TWAH the thing that made me gasp about your question, wasn't the actual question it was all the little things that you believed that you let slip in (mainly on the MMR thread). Such as the mother over policing her child (she probably has no choice), not liking destruction (destruction can be autism to a tee), searching for a 'cure' (very normal when your child is diagnosed with a devastating condition- and in fact it's my opinion that often people aren;t searching for a cure they're searching for speech- not realising its not the same thing- and nothing wrong with that- I stil search for speech for my 8 year old), complaining because the mother talks about her son too much and is always over analysing every positive thing he does, assuming that she's barking mad for not giving an MMR booster.
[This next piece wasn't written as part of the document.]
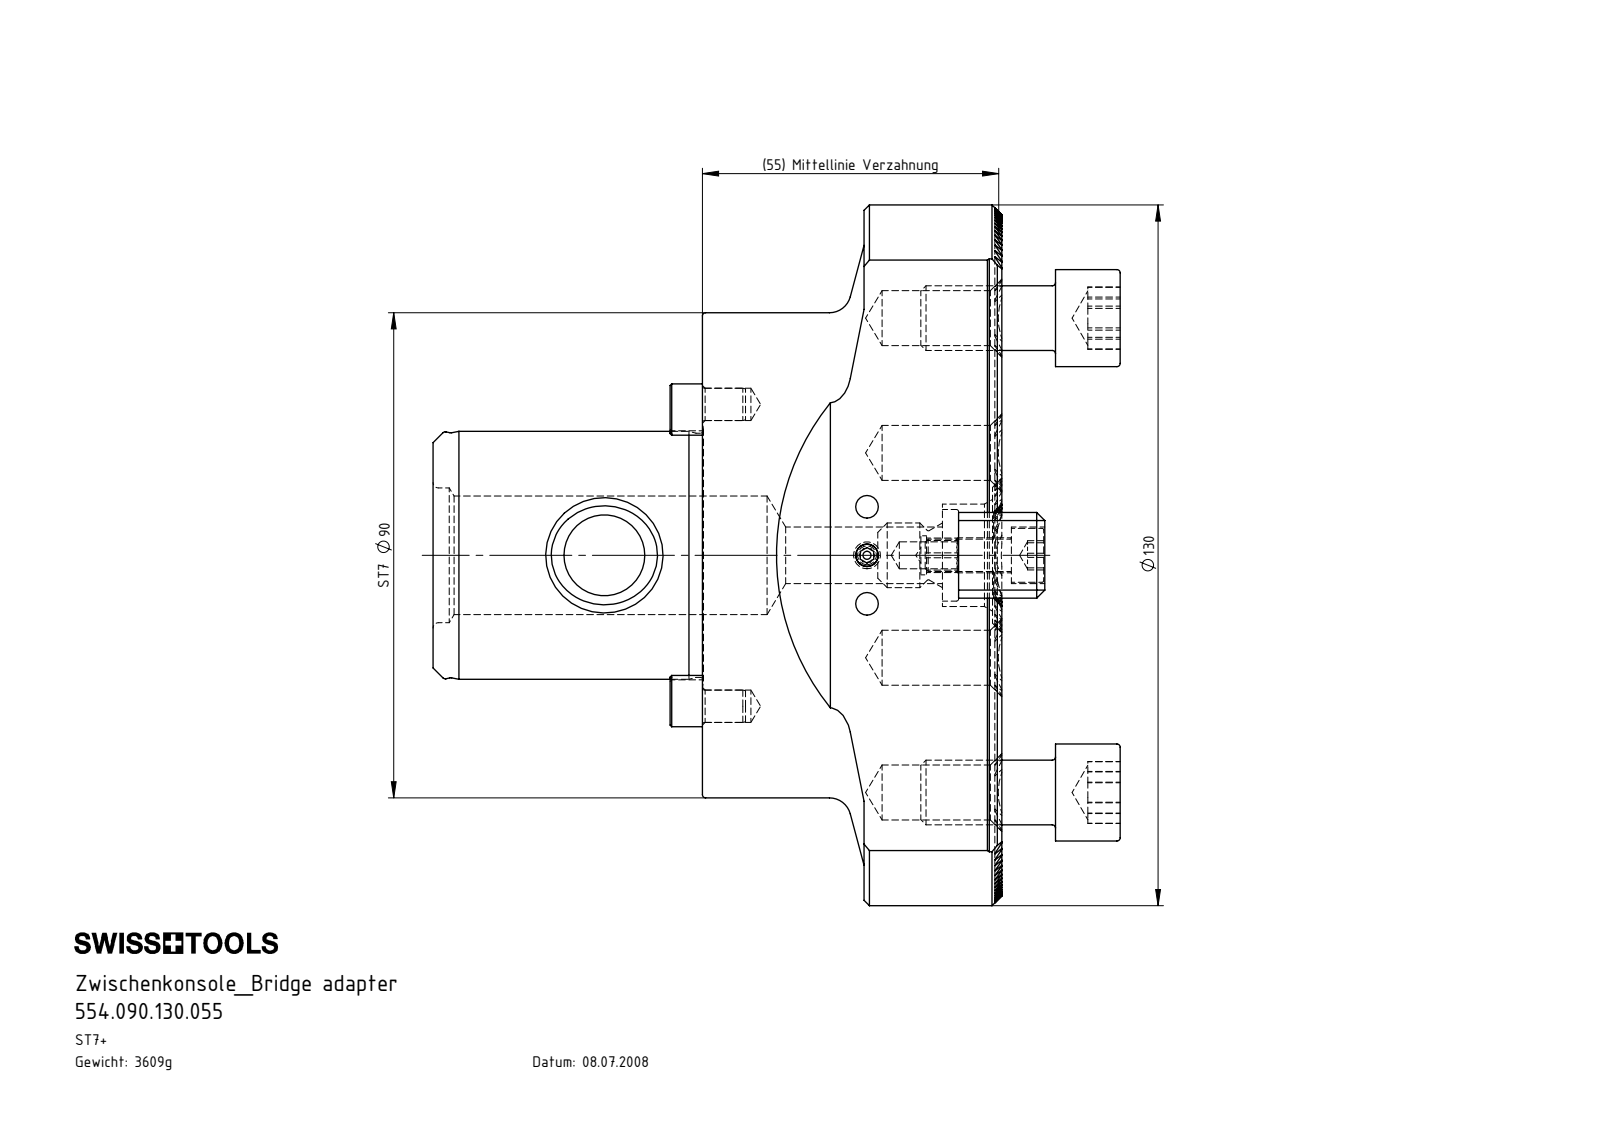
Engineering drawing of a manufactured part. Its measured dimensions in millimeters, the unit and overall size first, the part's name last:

Now of course you can word it out loud as you try and work it out, but if you do it on a board where there are mothers who have destrucitve, non-verbal children, who've lost loads of friends because those so called friends couldn't cope with the difficulties that surround autism then you are opening yourself to people disagreeing strongly with you.
When you start out in autism as a mother you get blamed for everything. I was blamed for my son not talking, saying that needed SALT got me landed with an 'in denial' label -despite the fact that I queried autism 2 years before his eventual diagnosis, was also accused of over stating his problems when he was younger (so under and over stating at the same time ). It is so easy to blame the mother - right at a time when the bottom has fallen out of their world.
You maynot have meant your posts to sound the way they did - but they did sound as if you thoguth the child was a bit of a right off and the mother should stop whinging and just get on with it. Sorry but that's how I read them.
I;d really really recommend the film. It will show you your friends world.